▶ [Problem details]:
From start to finish, set down the entries below exactly, leaving out the pictures.

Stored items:
....
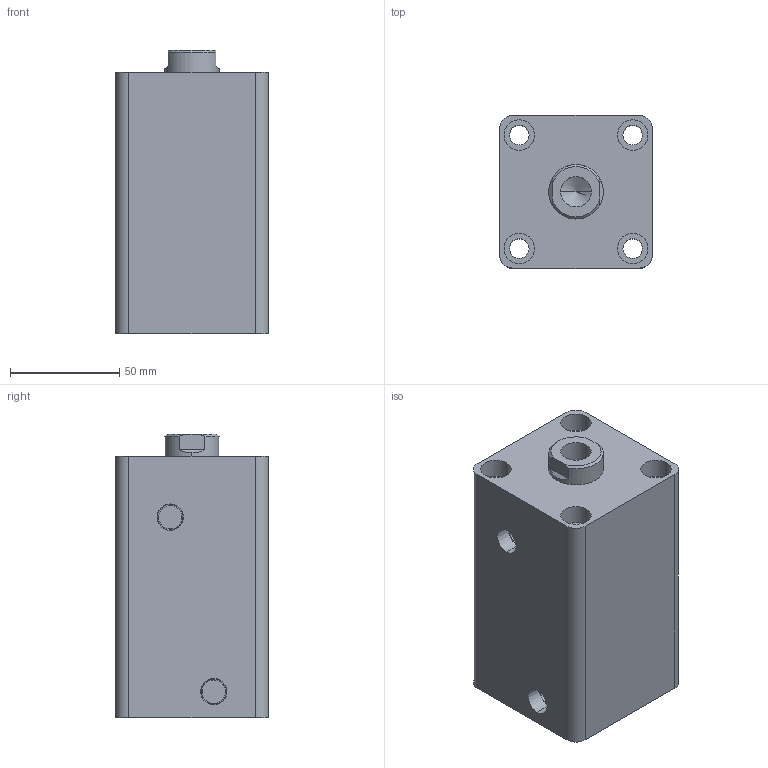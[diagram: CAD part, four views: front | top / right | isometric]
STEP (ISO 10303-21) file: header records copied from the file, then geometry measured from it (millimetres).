
FILE_DESCRIPTION (( 'STEP AP203' ), '1' );
FILE_NAME ('HTB-SD40-65N.STEP', '2019-10-07T06:54:29', ( '微软用户' ), ( '微软中国' ), 'SwSTEP 2.0', 'SolidWorks 2012', '' );
FILE_SCHEMA (( 'CONFIG_CONTROL_DESIGN' ));
Length unit declared in the file: millimetre
Products named in the file (3): HTB-SD40-65N活塞杆; HTB-SD40-65掛极; HTB-SD40-65N
Assembly tree (2 placements, depth 2):
  HTB-SD40-65N
    HTB-SD40-65掛极
    HTB-SD40-65N活塞杆
Bounding box: 70 x 70 x 130 mm (x, y, z)
Volume: 496935.4 mm3; surface area: 84635.3 mm2
Topology: 2 solids, 2 shells, 81 faces, 180 edges, 117 vertices
Faces by surface type: cylinder 42, plane 27, cone 8, torus 4
Entity records: 2603 total; most frequent: DIRECTION 444, CARTESIAN_POINT 409, ORIENTED_EDGE 356, AXIS2_PLACEMENT_3D 188, EDGE_CURVE 178, VERTEX_POINT 117, EDGE_LOOP 105, CIRCLE 102
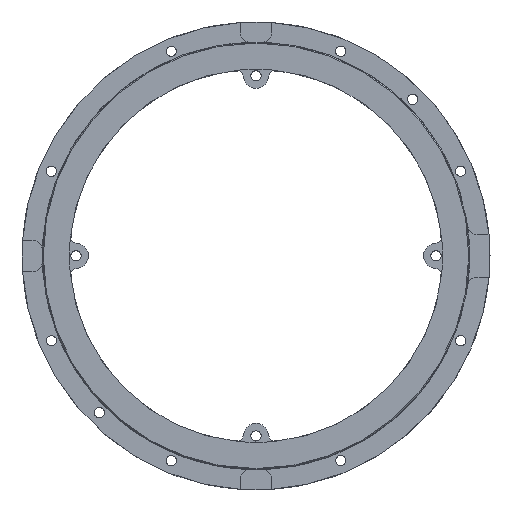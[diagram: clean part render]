
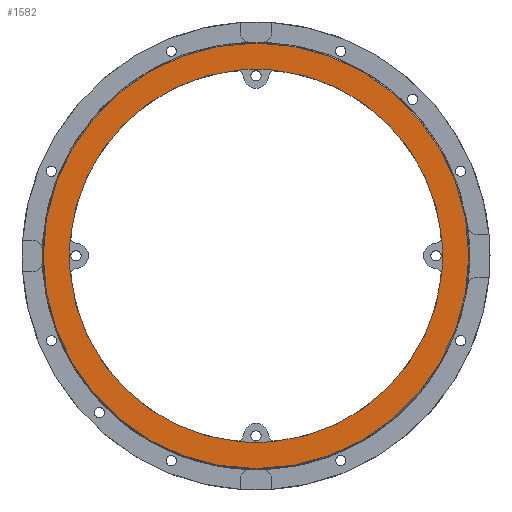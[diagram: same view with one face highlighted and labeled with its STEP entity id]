
A CAD part, top view. The second image highlights one B-rep face of the part: STEP entity #1582.
In plain terms, the highlighted planar face has unit normal (0, 0, 1).
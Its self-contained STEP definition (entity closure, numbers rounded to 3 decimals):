
#30=FACE_BOUND('',#231,.T.);
#72=PLANE('',#1732);
#128=FACE_OUTER_BOUND('',#230,.T.);
#230=EDGE_LOOP('',(#1210));
#231=EDGE_LOOP('',(#1211,#1212,#1213,#1214,#1215,#1216,#1217,#1218));
#583=CIRCLE('',#1731,68.2);
#584=CIRCLE('',#1733,59.8);
#585=CIRCLE('',#1734,59.8);
#586=CIRCLE('',#1735,59.8);
#587=CIRCLE('',#1736,59.8);
#588=CIRCLE('',#1737,59.8);
#589=CIRCLE('',#1738,59.8);
#590=CIRCLE('',#1739,59.8);
#591=CIRCLE('',#1740,59.8);
#722=VERTEX_POINT('',#2607);
#723=VERTEX_POINT('',#2611);
#724=VERTEX_POINT('',#2612);
#725=VERTEX_POINT('',#2614);
#726=VERTEX_POINT('',#2616);
#727=VERTEX_POINT('',#2618);
#728=VERTEX_POINT('',#2620);
#729=VERTEX_POINT('',#2622);
#730=VERTEX_POINT('',#2624);
#903=EDGE_CURVE('',#722,#722,#583,.T.);
#904=EDGE_CURVE('',#723,#724,#584,.T.);
#905=EDGE_CURVE('',#724,#725,#585,.T.);
#906=EDGE_CURVE('',#725,#726,#586,.T.);
#907=EDGE_CURVE('',#726,#727,#587,.T.);
#908=EDGE_CURVE('',#727,#728,#588,.T.);
#909=EDGE_CURVE('',#728,#729,#589,.T.);
#910=EDGE_CURVE('',#729,#730,#590,.T.);
#911=EDGE_CURVE('',#730,#723,#591,.T.);
#1210=ORIENTED_EDGE('',*,*,#903,.F.);
#1211=ORIENTED_EDGE('',*,*,#904,.T.);
#1212=ORIENTED_EDGE('',*,*,#905,.T.);
#1213=ORIENTED_EDGE('',*,*,#906,.T.);
#1214=ORIENTED_EDGE('',*,*,#907,.T.);
#1215=ORIENTED_EDGE('',*,*,#908,.T.);
#1216=ORIENTED_EDGE('',*,*,#909,.T.);
#1217=ORIENTED_EDGE('',*,*,#910,.T.);
#1218=ORIENTED_EDGE('',*,*,#911,.T.);
#1582=ADVANCED_FACE('',(#128,#30),#72,.T.);
#1731=AXIS2_PLACEMENT_3D('',#2609,#2083,#2084);
#1732=AXIS2_PLACEMENT_3D('',#2610,#2085,#2086);
#1733=AXIS2_PLACEMENT_3D('',#2613,#2087,#2088);
#1734=AXIS2_PLACEMENT_3D('',#2615,#2089,#2090);
#1735=AXIS2_PLACEMENT_3D('',#2617,#2091,#2092);
#1736=AXIS2_PLACEMENT_3D('',#2619,#2093,#2094);
#1737=AXIS2_PLACEMENT_3D('',#2621,#2095,#2096);
#1738=AXIS2_PLACEMENT_3D('',#2623,#2097,#2098);
#1739=AXIS2_PLACEMENT_3D('',#2625,#2099,#2100);
#1740=AXIS2_PLACEMENT_3D('',#2626,#2101,#2102);
#2083=DIRECTION('center_axis',(0.,0.,
-1.));
#2084=DIRECTION('ref_axis',(-1.,0.,0.));
#2085=DIRECTION('center_axis',(0.,0.,
1.));
#2086=DIRECTION('ref_axis',(-1.,0.,0.));
#2087=DIRECTION('center_axis',(0.,0.,
-1.));
#2088=DIRECTION('ref_axis',(1.,0.,0.));
#2089=DIRECTION('center_axis',(0.,0.,
-1.));
#2090=DIRECTION('ref_axis',(1.,0.,0.));
#2091=DIRECTION('center_axis',(0.,0.,
-1.));
#2092=DIRECTION('ref_axis',(1.,0.,0.));
#2093=DIRECTION('center_axis',(0.,0.,
-1.));
#2094=DIRECTION('ref_axis',(1.,0.,0.));
#2095=DIRECTION('center_axis',(0.,0.,
-1.));
#2096=DIRECTION('ref_axis',(1.,0.,0.));
#2097=DIRECTION('center_axis',(0.,0.,
-1.));
#2098=DIRECTION('ref_axis',(1.,0.,0.));
#2099=DIRECTION('center_axis',(0.,0.,
-1.));
#2100=DIRECTION('ref_axis',(1.,0.,0.));
#2101=DIRECTION('center_axis',(0.,0.,
-1.));
#2102=DIRECTION('ref_axis',(1.,0.,0.));
#2607=CARTESIAN_POINT('',(68.2,-0.116,-237.6));
#2609=CARTESIAN_POINT('Origin',(0.,-0.116,-237.6));
#2610=CARTESIAN_POINT('Origin',(68.5,-0.116,-237.6));
#2611=CARTESIAN_POINT('',(-5.695,-59.644,-237.6));
#2612=CARTESIAN_POINT('',(-59.53,-5.794,-237.6));
#2613=CARTESIAN_POINT('Origin',(0.,-0.116,-237.6));
#2614=CARTESIAN_POINT('',(-59.528,5.579,-237.6));
#2615=CARTESIAN_POINT('Origin',(0.,-0.116,-237.6));
#2616=CARTESIAN_POINT('',(-5.678,59.414,-237.6));
#2617=CARTESIAN_POINT('Origin',(0.,-0.116,-237.6));
#2618=CARTESIAN_POINT('',(5.695,59.412,-237.6));
#2619=CARTESIAN_POINT('Origin',(0.,-0.116,-237.6));
#2620=CARTESIAN_POINT('',(59.53,5.562,-237.6));
#2621=CARTESIAN_POINT('Origin',(0.,-0.116,-237.6));
#2622=CARTESIAN_POINT('',(59.528,-5.811,-237.6));
#2623=CARTESIAN_POINT('Origin',(0.,-0.116,-237.6));
#2624=CARTESIAN_POINT('',(5.678,-59.646,-237.6));
#2625=CARTESIAN_POINT('Origin',(0.,-0.116,-237.6));
#2626=CARTESIAN_POINT('Origin',(0.,-0.116,-237.6));
....
▶ [Response to the exercise]:
[diagram: CAD part, four views: front | top / right | isometric]
STEP (ISO 10303-21) file: header records copied from the file, then geometry measured from it (millimetres).
FILE_DESCRIPTION (( 'STEP AP203' ), '1' );
FILE_NAME ('HTB-SD40-65N.STEP', '2019-10-07T06:54:29', ( '微软用户' ), ( '微软中国' ), 'SwSTEP 2.0', 'SolidWorks 2012', '' );
FILE_SCHEMA (( 'CONFIG_CONTROL_DESIGN' ));
Length unit declared in the file: millimetre
Products named in the file (3): HTB-SD40-65N活塞杆; HTB-SD40-65掛极; HTB-SD40-65N
Assembly tree (2 placements, depth 2):
  HTB-SD40-65N
    HTB-SD40-65掛极
    HTB-SD40-65N活塞杆
Bounding box: 70 x 70 x 130 mm (x, y, z)
Volume: 496935.4 mm3; surface area: 84635.3 mm2
Topology: 2 solids, 2 shells, 81 faces, 180 edges, 117 vertices
Faces by surface type: cylinder 42, plane 27, cone 8, torus 4
Entity records: 2603 total; most frequent: DIRECTION 444, CARTESIAN_POINT 409, ORIENTED_EDGE 356, AXIS2_PLACEMENT_3D 188, EDGE_CURVE 178, VERTEX_POINT 117, EDGE_LOOP 105, CIRCLE 102
[diagram: clean part render]
[diagram: same view with one face highlighted and labeled with its STEP entity id]
A CAD part, top view. The second image highlights one B-rep face of the part: STEP entity #1582.
In plain terms, the highlighted planar face has unit normal (0, 0, 1).
Its self-contained STEP definition (entity closure, numbers rounded to 3 decimals):
#30=FACE_BOUND('',#231,.T.);
#72=PLANE('',#1732);
#128=FACE_OUTER_BOUND('',#230,.T.);
#230=EDGE_LOOP('',(#1210));
#231=EDGE_LOOP('',(#1211,#1212,#1213,#1214,#1215,#1216,#1217,#1218));
#583=CIRCLE('',#1731,68.2);
#584=CIRCLE('',#1733,59.8);
#585=CIRCLE('',#1734,59.8);
#586=CIRCLE('',#1735,59.8);
#587=CIRCLE('',#1736,59.8);
#588=CIRCLE('',#1737,59.8);
#589=CIRCLE('',#1738,59.8);
#590=CIRCLE('',#1739,59.8);
#591=CIRCLE('',#1740,59.8);
#722=VERTEX_POINT('',#2607);
#723=VERTEX_POINT('',#2611);
#724=VERTEX_POINT('',#2612);
#725=VERTEX_POINT('',#2614);
#726=VERTEX_POINT('',#2616);
#727=VERTEX_POINT('',#2618);
#728=VERTEX_POINT('',#2620);
#729=VERTEX_POINT('',#2622);
#730=VERTEX_POINT('',#2624);
#903=EDGE_CURVE('',#722,#722,#583,.T.);
#904=EDGE_CURVE('',#723,#724,#584,.T.);
#905=EDGE_CURVE('',#724,#725,#585,.T.);
#906=EDGE_CURVE('',#725,#726,#586,.T.);
#907=EDGE_CURVE('',#726,#727,#587,.T.);
#908=EDGE_CURVE('',#727,#728,#588,.T.);
#909=EDGE_CURVE('',#728,#729,#589,.T.);
#910=EDGE_CURVE('',#729,#730,#590,.T.);
#911=EDGE_CURVE('',#730,#723,#591,.T.);
#1210=ORIENTED_EDGE('',*,*,#903,.F.);
#1211=ORIENTED_EDGE('',*,*,#904,.T.);
#1212=ORIENTED_EDGE('',*,*,#905,.T.);
#1213=ORIENTED_EDGE('',*,*,#906,.T.);
#1214=ORIENTED_EDGE('',*,*,#907,.T.);
#1215=ORIENTED_EDGE('',*,*,#908,.T.);
#1216=ORIENTED_EDGE('',*,*,#909,.T.);
#1217=ORIENTED_EDGE('',*,*,#910,.T.);
#1218=ORIENTED_EDGE('',*,*,#911,.T.);
#1582=ADVANCED_FACE('',(#128,#30),#72,.T.);
#1731=AXIS2_PLACEMENT_3D('',#2609,#2083,#2084);
#1732=AXIS2_PLACEMENT_3D('',#2610,#2085,#2086);
#1733=AXIS2_PLACEMENT_3D('',#2613,#2087,#2088);
#1734=AXIS2_PLACEMENT_3D('',#2615,#2089,#2090);
#1735=AXIS2_PLACEMENT_3D('',#2617,#2091,#2092);
#1736=AXIS2_PLACEMENT_3D('',#2619,#2093,#2094);
#1737=AXIS2_PLACEMENT_3D('',#2621,#2095,#2096);
#1738=AXIS2_PLACEMENT_3D('',#2623,#2097,#2098);
#1739=AXIS2_PLACEMENT_3D('',#2625,#2099,#2100);
#1740=AXIS2_PLACEMENT_3D('',#2626,#2101,#2102);
#2083=DIRECTION('center_axis',(0.,0.,
-1.));
#2084=DIRECTION('ref_axis',(-1.,0.,0.));
#2085=DIRECTION('center_axis',(0.,0.,
1.));
#2086=DIRECTION('ref_axis',(-1.,0.,0.));
#2087=DIRECTION('center_axis',(0.,0.,
-1.));
#2088=DIRECTION('ref_axis',(1.,0.,0.));
#2089=DIRECTION('center_axis',(0.,0.,
-1.));
#2090=DIRECTION('ref_axis',(1.,0.,0.));
#2091=DIRECTION('center_axis',(0.,0.,
-1.));
#2092=DIRECTION('ref_axis',(1.,0.,0.));
#2093=DIRECTION('center_axis',(0.,0.,
-1.));
#2094=DIRECTION('ref_axis',(1.,0.,0.));
#2095=DIRECTION('center_axis',(0.,0.,
-1.));
#2096=DIRECTION('ref_axis',(1.,0.,0.));
#2097=DIRECTION('center_axis',(0.,0.,
-1.));
#2098=DIRECTION('ref_axis',(1.,0.,0.));
#2099=DIRECTION('center_axis',(0.,0.,
-1.));
#2100=DIRECTION('ref_axis',(1.,0.,0.));
#2101=DIRECTION('center_axis',(0.,0.,
-1.));
#2102=DIRECTION('ref_axis',(1.,0.,0.));
#2607=CARTESIAN_POINT('',(68.2,-0.116,-237.6));
#2609=CARTESIAN_POINT('Origin',(0.,-0.116,-237.6));
#2610=CARTESIAN_POINT('Origin',(68.5,-0.116,-237.6));
#2611=CARTESIAN_POINT('',(-5.695,-59.644,-237.6));
#2612=CARTESIAN_POINT('',(-59.53,-5.794,-237.6));
#2613=CARTESIAN_POINT('Origin',(0.,-0.116,-237.6));
#2614=CARTESIAN_POINT('',(-59.528,5.579,-237.6));
#2615=CARTESIAN_POINT('Origin',(0.,-0.116,-237.6));
#2616=CARTESIAN_POINT('',(-5.678,59.414,-237.6));
#2617=CARTESIAN_POINT('Origin',(0.,-0.116,-237.6));
#2618=CARTESIAN_POINT('',(5.695,59.412,-237.6));
#2619=CARTESIAN_POINT('Origin',(0.,-0.116,-237.6));
#2620=CARTESIAN_POINT('',(59.53,5.562,-237.6));
#2621=CARTESIAN_POINT('Origin',(0.,-0.116,-237.6));
#2622=CARTESIAN_POINT('',(59.528,-5.811,-237.6));
#2623=CARTESIAN_POINT('Origin',(0.,-0.116,-237.6));
#2624=CARTESIAN_POINT('',(5.678,-59.646,-237.6));
#2625=CARTESIAN_POINT('Origin',(0.,-0.116,-237.6));
#2626=CARTESIAN_POINT('Origin',(0.,-0.116,-237.6));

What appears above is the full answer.